-- Opening Marker --

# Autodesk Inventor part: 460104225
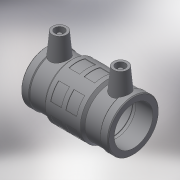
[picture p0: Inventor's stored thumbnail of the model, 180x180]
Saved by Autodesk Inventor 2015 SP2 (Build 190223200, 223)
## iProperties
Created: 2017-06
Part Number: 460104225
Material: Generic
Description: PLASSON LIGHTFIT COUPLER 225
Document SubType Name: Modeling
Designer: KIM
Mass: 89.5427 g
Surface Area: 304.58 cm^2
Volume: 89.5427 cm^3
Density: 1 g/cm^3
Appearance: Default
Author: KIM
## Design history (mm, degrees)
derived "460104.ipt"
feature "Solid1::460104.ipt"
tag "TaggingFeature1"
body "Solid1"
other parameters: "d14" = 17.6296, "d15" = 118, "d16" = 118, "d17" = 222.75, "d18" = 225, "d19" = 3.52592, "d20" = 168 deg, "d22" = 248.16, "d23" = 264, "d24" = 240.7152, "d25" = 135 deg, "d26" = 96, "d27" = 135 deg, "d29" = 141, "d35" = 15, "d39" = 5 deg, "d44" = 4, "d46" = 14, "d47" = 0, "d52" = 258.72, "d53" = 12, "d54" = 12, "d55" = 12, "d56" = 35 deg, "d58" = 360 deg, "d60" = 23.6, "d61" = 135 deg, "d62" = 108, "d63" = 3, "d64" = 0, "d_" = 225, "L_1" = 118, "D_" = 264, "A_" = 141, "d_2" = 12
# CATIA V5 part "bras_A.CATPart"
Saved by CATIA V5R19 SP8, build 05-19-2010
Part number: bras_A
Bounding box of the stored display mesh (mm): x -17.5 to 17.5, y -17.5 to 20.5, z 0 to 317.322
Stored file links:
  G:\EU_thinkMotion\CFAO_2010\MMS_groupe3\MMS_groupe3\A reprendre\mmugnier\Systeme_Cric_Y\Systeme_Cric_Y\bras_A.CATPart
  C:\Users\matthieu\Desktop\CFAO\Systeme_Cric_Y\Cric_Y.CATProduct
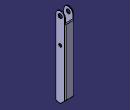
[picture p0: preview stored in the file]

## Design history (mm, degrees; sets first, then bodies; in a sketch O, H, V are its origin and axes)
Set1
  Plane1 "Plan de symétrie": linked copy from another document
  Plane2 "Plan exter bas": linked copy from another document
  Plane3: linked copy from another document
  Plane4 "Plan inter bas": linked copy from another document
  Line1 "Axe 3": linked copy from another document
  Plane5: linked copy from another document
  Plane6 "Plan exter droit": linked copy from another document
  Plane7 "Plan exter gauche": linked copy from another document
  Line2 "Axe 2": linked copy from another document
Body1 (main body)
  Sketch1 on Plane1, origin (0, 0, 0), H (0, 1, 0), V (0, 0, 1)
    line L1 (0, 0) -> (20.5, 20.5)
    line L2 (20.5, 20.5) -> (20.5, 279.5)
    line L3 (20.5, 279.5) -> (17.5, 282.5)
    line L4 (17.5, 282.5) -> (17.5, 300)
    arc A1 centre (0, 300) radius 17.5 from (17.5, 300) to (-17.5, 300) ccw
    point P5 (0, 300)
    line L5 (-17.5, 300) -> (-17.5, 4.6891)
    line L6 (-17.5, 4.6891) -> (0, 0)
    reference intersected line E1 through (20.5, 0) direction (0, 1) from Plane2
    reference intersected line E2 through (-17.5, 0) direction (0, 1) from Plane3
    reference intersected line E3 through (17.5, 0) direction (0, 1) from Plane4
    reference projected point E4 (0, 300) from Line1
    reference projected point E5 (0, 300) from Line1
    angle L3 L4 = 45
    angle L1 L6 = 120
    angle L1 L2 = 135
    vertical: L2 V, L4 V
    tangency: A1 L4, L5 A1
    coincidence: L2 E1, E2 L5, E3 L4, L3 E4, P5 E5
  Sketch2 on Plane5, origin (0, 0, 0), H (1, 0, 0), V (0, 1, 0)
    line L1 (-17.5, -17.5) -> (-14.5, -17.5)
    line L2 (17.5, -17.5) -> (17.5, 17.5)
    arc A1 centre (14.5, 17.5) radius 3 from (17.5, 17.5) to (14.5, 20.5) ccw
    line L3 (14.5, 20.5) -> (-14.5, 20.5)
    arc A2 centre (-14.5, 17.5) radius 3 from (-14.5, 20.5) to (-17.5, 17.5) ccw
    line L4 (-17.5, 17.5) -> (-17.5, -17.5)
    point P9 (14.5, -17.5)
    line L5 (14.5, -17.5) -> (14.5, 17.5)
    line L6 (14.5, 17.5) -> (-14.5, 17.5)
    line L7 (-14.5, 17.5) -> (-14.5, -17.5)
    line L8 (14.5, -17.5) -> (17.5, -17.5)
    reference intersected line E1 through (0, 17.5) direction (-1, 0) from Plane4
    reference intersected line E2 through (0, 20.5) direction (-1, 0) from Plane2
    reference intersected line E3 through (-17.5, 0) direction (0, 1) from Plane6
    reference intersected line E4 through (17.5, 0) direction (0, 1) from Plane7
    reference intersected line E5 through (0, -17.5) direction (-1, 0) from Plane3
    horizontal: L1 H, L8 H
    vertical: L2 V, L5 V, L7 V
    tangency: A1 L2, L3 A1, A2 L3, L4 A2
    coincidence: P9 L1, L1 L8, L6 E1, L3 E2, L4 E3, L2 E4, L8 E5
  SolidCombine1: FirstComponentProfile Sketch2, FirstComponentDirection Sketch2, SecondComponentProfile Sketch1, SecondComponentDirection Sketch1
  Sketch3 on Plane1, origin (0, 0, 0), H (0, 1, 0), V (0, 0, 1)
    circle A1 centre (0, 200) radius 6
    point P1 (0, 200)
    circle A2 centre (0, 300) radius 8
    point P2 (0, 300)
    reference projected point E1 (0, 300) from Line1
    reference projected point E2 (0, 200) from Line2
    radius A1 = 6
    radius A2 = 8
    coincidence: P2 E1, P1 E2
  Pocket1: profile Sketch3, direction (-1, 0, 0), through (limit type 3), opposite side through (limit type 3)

-- Closing Marker --

*TASK PROMPT*:
Output a faithful copy of the data, with each picture left out.

*EXERCISE RESPONSE*:
# Autodesk Inventor part: 460104225
[picture p0: Inventor's stored thumbnail of the model, 180x180]
Saved by Autodesk Inventor 2015 SP2 (Build 190223200, 223)
## iProperties
Created: 2017-06
Part Number: 460104225
Material: Generic
Description: PLASSON LIGHTFIT COUPLER 225
Document SubType Name: Modeling
Designer: KIM
Mass: 89.5427 g
Surface Area: 304.58 cm^2
Volume: 89.5427 cm^3
Density: 1 g/cm^3
Appearance: Default
Author: KIM
## Design history (mm, degrees)
derived "460104.ipt"
feature "Solid1::460104.ipt"
tag "TaggingFeature1"
body "Solid1"
other parameters: "d14" = 17.6296, "d15" = 118, "d16" = 118, "d17" = 222.75, "d18" = 225, "d19" = 3.52592, "d20" = 168 deg, "d22" = 248.16, "d23" = 264, "d24" = 240.7152, "d25" = 135 deg, "d26" = 96, "d27" = 135 deg, "d29" = 141, "d35" = 15, "d39" = 5 deg, "d44" = 4, "d46" = 14, "d47" = 0, "d52" = 258.72, "d53" = 12, "d54" = 12, "d55" = 12, "d56" = 35 deg, "d58" = 360 deg, "d60" = 23.6, "d61" = 135 deg, "d62" = 108, "d63" = 3, "d64" = 0, "d_" = 225, "L_1" = 118, "D_" = 264, "A_" = 141, "d_2" = 12
# CATIA V5 part "bras_A.CATPart"
Saved by CATIA V5R19 SP8, build 05-19-2010
Part number: bras_A
Bounding box of the stored display mesh (mm): x -17.5 to 17.5, y -17.5 to 20.5, z 0 to 317.322
Stored file links:
  G:\EU_thinkMotion\CFAO_2010\MMS_groupe3\MMS_groupe3\A reprendre\mmugnier\Systeme_Cric_Y\Systeme_Cric_Y\bras_A.CATPart
  C:\Users\matthieu\Desktop\CFAO\Systeme_Cric_Y\Cric_Y.CATProduct
[picture p0: preview stored in the file]

## Design history (mm, degrees; sets first, then bodies; in a sketch O, H, V are its origin and axes)
Set1
  Plane1 "Plan de symétrie": linked copy from another document
  Plane2 "Plan exter bas": linked copy from another document
  Plane3: linked copy from another document
  Plane4 "Plan inter bas": linked copy from another document
  Line1 "Axe 3": linked copy from another document
  Plane5: linked copy from another document
  Plane6 "Plan exter droit": linked copy from another document
  Plane7 "Plan exter gauche": linked copy from another document
  Line2 "Axe 2": linked copy from another document
Body1 (main body)
  Sketch1 on Plane1, origin (0, 0, 0), H (0, 1, 0), V (0, 0, 1)
    line L1 (0, 0) -> (20.5, 20.5)
    line L2 (20.5, 20.5) -> (20.5, 279.5)
    line L3 (20.5, 279.5) -> (17.5, 282.5)
    line L4 (17.5, 282.5) -> (17.5, 300)
    arc A1 centre (0, 300) radius 17.5 from (17.5, 300) to (-17.5, 300) ccw
    point P5 (0, 300)
    line L5 (-17.5, 300) -> (-17.5, 4.6891)
    line L6 (-17.5, 4.6891) -> (0, 0)
    reference intersected line E1 through (20.5, 0) direction (0, 1) from Plane2
    reference intersected line E2 through (-17.5, 0) direction (0, 1) from Plane3
    reference intersected line E3 through (17.5, 0) direction (0, 1) from Plane4
    reference projected point E4 (0, 300) from Line1
    reference projected point E5 (0, 300) from Line1
    angle L3 L4 = 45
    angle L1 L6 = 120
    angle L1 L2 = 135
    vertical: L2 V, L4 V
    tangency: A1 L4, L5 A1
    coincidence: L2 E1, E2 L5, E3 L4, L3 E4, P5 E5
  Sketch2 on Plane5, origin (0, 0, 0), H (1, 0, 0), V (0, 1, 0)
    line L1 (-17.5, -17.5) -> (-14.5, -17.5)
    line L2 (17.5, -17.5) -> (17.5, 17.5)
    arc A1 centre (14.5, 17.5) radius 3 from (17.5, 17.5) to (14.5, 20.5) ccw
    line L3 (14.5, 20.5) -> (-14.5, 20.5)
    arc A2 centre (-14.5, 17.5) radius 3 from (-14.5, 20.5) to (-17.5, 17.5) ccw
    line L4 (-17.5, 17.5) -> (-17.5, -17.5)
    point P9 (14.5, -17.5)
    line L5 (14.5, -17.5) -> (14.5, 17.5)
    line L6 (14.5, 17.5) -> (-14.5, 17.5)
    line L7 (-14.5, 17.5) -> (-14.5, -17.5)
    line L8 (14.5, -17.5) -> (17.5, -17.5)
    reference intersected line E1 through (0, 17.5) direction (-1, 0) from Plane4
    reference intersected line E2 through (0, 20.5) direction (-1, 0) from Plane2
    reference intersected line E3 through (-17.5, 0) direction (0, 1) from Plane6
    reference intersected line E4 through (17.5, 0) direction (0, 1) from Plane7
    reference intersected line E5 through (0, -17.5) direction (-1, 0) from Plane3
    horizontal: L1 H, L8 H
    vertical: L2 V, L5 V, L7 V
    tangency: A1 L2, L3 A1, A2 L3, L4 A2
    coincidence: P9 L1, L1 L8, L6 E1, L3 E2, L4 E3, L2 E4, L8 E5
  SolidCombine1: FirstComponentProfile Sketch2, FirstComponentDirection Sketch2, SecondComponentProfile Sketch1, SecondComponentDirection Sketch1
  Sketch3 on Plane1, origin (0, 0, 0), H (0, 1, 0), V (0, 0, 1)
    circle A1 centre (0, 200) radius 6
    point P1 (0, 200)
    circle A2 centre (0, 300) radius 8
    point P2 (0, 300)
    reference projected point E1 (0, 300) from Line1
    reference projected point E2 (0, 200) from Line2
    radius A1 = 6
    radius A2 = 8
    coincidence: P2 E1, P1 E2
  Pocket1: profile Sketch3, direction (-1, 0, 0), through (limit type 3), opposite side through (limit type 3)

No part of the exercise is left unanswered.